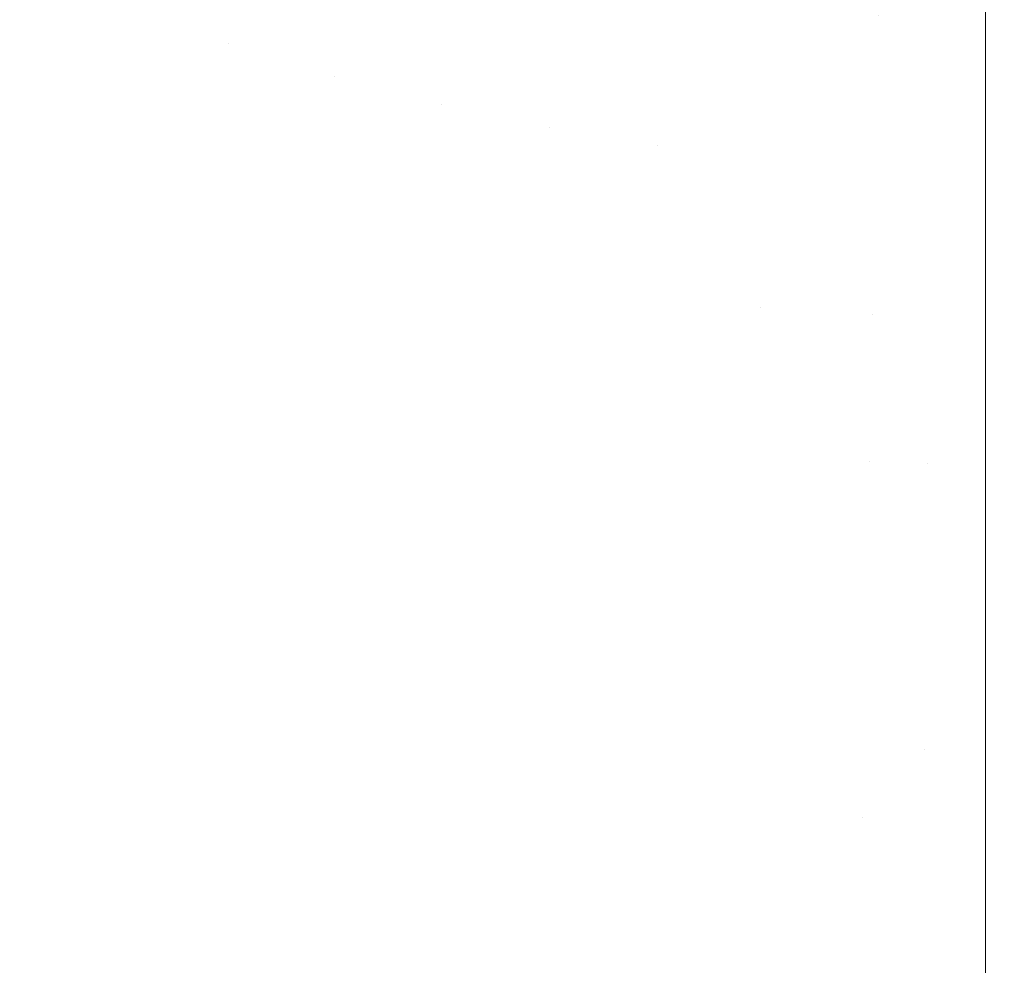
# Model space of a CAD drawing. Header units: centimetres. Extents: x -17.1 to 18.2, y 3.4 to 5.2.
# Tile 15 of 256: x -17.0327 to -17.0201, y 3.4221 to 3.4343. Entities that reach past the tile are written whole.
import ezdxf

# ---------------------------------------------------------------- set-up
doc = ezdxf.new("R2010")
doc.units = ezdxf.units.CM
doc.header["$LTSCALE"] = 2.54
doc.layers.add('Lucido design-1', color=7, linetype='Continuous')

# ---------------------------------------------------------------- blocks, each defined once
blk = doc.blocks.new('Gruppo-4-1')
at = {"color": 7, "linetype": 'Continuous', "lineweight": 9}
for points, invisible_edges in [([(-17.031057, 3.43631, -1872.240327), (-17.031373, 3.434431, -1872.242071), (-17.030025, 3.433948, -1872.242071), (-17.029747, 3.43584, -1872.240327)], 15), ([(-17.030025, 3.433948, -1872.988957), (-17.031373, 3.434431, -1872.988957), (-17.031057, 3.43631, -1872.990701), (-17.029747, 3.43584, -1872.990701)], 15), ([(-17.020308, 3.432653, -1872.241786), (-17.020308, 3.435933, -1872.23891), (-17.021673, 3.434313, -1872.240327)], 10), ([(-17.021673, 3.434313, -1872.990701), (-17.020308, 3.435933, -1872.992118), (-17.020308, 3.432653, -1872.989242)], 9), ([(-17.020308, 3.432653, -1872.241786), (18.147234, 3.432653, -1872.241786), (18.147234, 3.435933, -1872.23891), (-17.020308, 3.435933, -1872.23891)], 5), ([(18.147234, 3.432653, -1872.989242), (-17.020308, 3.432653, -1872.989242), (-17.020308, 3.435933, -1872.992118), (18.147234, 3.435933, -1872.992118)], 5), ([(-17.029747, 3.43584, -1872.240327), (-17.030025, 3.433948, -1872.242071), (-17.028663, 3.433526, -1872.242071), (-17.028424, 3.43543, -1872.240327)], 15), ([(-17.029747, 3.43584, -1872.990701), (-17.028424, 3.43543, -1872.990701), (-17.028663, 3.433526, -1872.988957), (-17.030025, 3.433948, -1872.988957)], 15), ([(-17.028424, 3.43543, -1872.240327), (-17.028663, 3.433526, -1872.242071), (-17.027289, 3.433167, -1872.242071), (-17.02709, 3.435081, -1872.240327)], 15), ([(-17.027289, 3.433167, -1872.988957), (-17.028663, 3.433526, -1872.988957), (-17.028424, 3.43543, -1872.990701), (-17.02709, 3.435081, -1872.990701)], 15), ([(-17.02709, 3.435081, -1872.240327), (-17.027289, 3.433167, -1872.242071), (-17.025905, 3.432871, -1872.242071), (-17.025745, 3.434794, -1872.240327)], 15), ([(-17.02709, 3.435081, -1872.990701), (-17.025745, 3.434794, -1872.990701), (-17.025905, 3.432871, -1872.988957), (-17.027289, 3.433167, -1872.988957)], 15), ([(-17.031373, 3.434431, -1872.242071), (-17.032705, 3.434975, -1872.242071), (-17.033055, 3.433136, -1872.243887), (-17.032372, 3.432849, -1872.243887)], 15), ([(-17.032705, 3.434975, -1872.988957), (-17.031373, 3.434431, -1872.988957), (-17.031685, 3.432577, -1872.987141), (-17.033055, 3.433136, -1872.987141)], 15), ([(-17.025745, 3.434794, -1872.240327), (-17.025905, 3.432871, -1872.242071), (-17.024513, 3.432641, -1872.242071), (-17.024393, 3.43457, -1872.240327)], 15), ([(-17.024513, 3.432641, -1872.988957), (-17.025905, 3.432871, -1872.988957), (-17.025745, 3.434794, -1872.990701), (-17.024393, 3.43457, -1872.990701)], 15), ([(-17.024393, 3.43457, -1872.240327), (-17.024513, 3.432641, -1872.242071), (-17.023115, 3.432476, -1872.242071), (-17.023035, 3.43441, -1872.240327)], 15), ([(-17.024393, 3.43457, -1872.990701), (-17.023035, 3.43441, -1872.990701), (-17.023115, 3.432476, -1872.988957), (-17.024513, 3.432641, -1872.988957)], 15), ([(-17.032372, 3.432849, -1872.243887), (-17.031685, 3.432577, -1872.243887), (-17.031373, 3.434431, -1872.242071)], 11), ([(-17.030025, 3.433948, -1872.242071), (-17.031373, 3.434431, -1872.242071), (-17.031685, 3.432577, -1872.243887), (-17.030994, 3.43232, -1872.243887)], 15), ([(-17.030299, 3.432079, -1872.987141), (-17.031685, 3.432577, -1872.987141), (-17.031373, 3.434431, -1872.988957), (-17.030025, 3.433948, -1872.988957)], 15), ([(-17.023035, 3.43441, -1872.240327), (-17.023115, 3.432476, -1872.242071), (-17.021713, 3.432376, -1872.242071), (-17.021673, 3.434313, -1872.240327)], 15), ([(-17.021713, 3.432376, -1872.988957), (-17.023115, 3.432476, -1872.988957), (-17.023035, 3.43441, -1872.990701), (-17.021673, 3.434313, -1872.990701)], 15), ([(-17.021673, 3.434313, -1872.240327), (-17.021713, 3.432376, -1872.242071), (-17.020308, 3.432653, -1872.241786)], 11), ([(-17.020308, 3.432653, -1872.989242), (-17.021713, 3.432376, -1872.988957), (-17.021673, 3.434313, -1872.990701)], 11), ([(-17.030994, 3.43232, -1872.243887), (-17.030299, 3.432079, -1872.243887), (-17.030025, 3.433948, -1872.242071)], 11), ([(-17.028663, 3.433526, -1872.242071), (-17.030025, 3.433948, -1872.242071), (-17.030299, 3.432079, -1872.243887), (-17.0296, 3.431855, -1872.243887)], 15), ([(-17.030025, 3.433948, -1872.988957), (-17.028663, 3.433526, -1872.988957), (-17.028899, 3.431646, -1872.987141), (-17.030299, 3.432079, -1872.987141)], 15), ([(-17.0296, 3.431855, -1872.243887), (-17.028899, 3.431646, -1872.243887), (-17.028663, 3.433526, -1872.242071)], 11), ([(-17.027289, 3.433167, -1872.242071), (-17.028663, 3.433526, -1872.242071), (-17.028899, 3.431646, -1872.243887), (-17.028194, 3.431453, -1872.243887)], 15), ([(-17.027486, 3.431276, -1872.987141), (-17.028899, 3.431646, -1872.987141), (-17.028663, 3.433526, -1872.988957), (-17.027289, 3.433167, -1872.988957)], 15), ([(-17.032372, 3.432849, -1872.243887), (-17.033055, 3.433136, -1872.243887), (-17.033399, 3.431324, -1872.245774), (-17.032698, 3.431028, -1872.245774)], 15), ([(-17.033228, 3.432226, -1872.986206), (-17.033055, 3.433136, -1872.987141), (-17.031685, 3.432577, -1872.987141), (-17.031839, 3.431659, -1872.986206)], 15), ([(-17.028194, 3.431453, -1872.243887), (-17.027486, 3.431276, -1872.243887), (-17.027289, 3.433167, -1872.242071)], 11), ([(-17.025905, 3.432871, -1872.242071), (-17.027289, 3.433167, -1872.242071), (-17.027486, 3.431276, -1872.243887), (-17.026776, 3.431116, -1872.243887)], 15), ([(-17.027289, 3.433167, -1872.988957), (-17.025905, 3.432871, -1872.988957), (-17.026063, 3.430973, -1872.987141), (-17.027486, 3.431276, -1872.987141)], 15), ([(-17.026776, 3.431116, -1872.243887), (-17.026063, 3.430973, -1872.243887), (-17.025905, 3.432871, -1872.242071)], 11), ([(-17.024513, 3.432641, -1872.242071), (-17.025905, 3.432871, -1872.242071), (-17.026063, 3.430973, -1872.243887), (-17.025348, 3.430846, -1872.243887)], 15), ([(-17.024632, 3.430736, -1872.987141), (-17.026063, 3.430973, -1872.987141), (-17.025905, 3.432871, -1872.988957), (-17.024513, 3.432641, -1872.988957)], 15), ([(-17.032698, 3.431028, -1872.245774), (-17.031992, 3.430749, -1872.245774), (-17.031685, 3.432577, -1872.243887), (-17.032372, 3.432849, -1872.243887)], 15), ([(-17.025348, 3.430846, -1872.243887), (-17.024632, 3.430736, -1872.243887), (-17.024513, 3.432641, -1872.242071)], 11), ([(-17.023194, 3.430566, -1872.243887), (-17.023115, 3.432476, -1872.242071), (-17.024513, 3.432641, -1872.242071), (-17.024632, 3.430736, -1872.243887)], 15), ([(-17.024513, 3.432641, -1872.988957), (-17.023115, 3.432476, -1872.988957), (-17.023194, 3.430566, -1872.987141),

------------------------------------------------------------

State only the number of lines above that contain the word "color".

2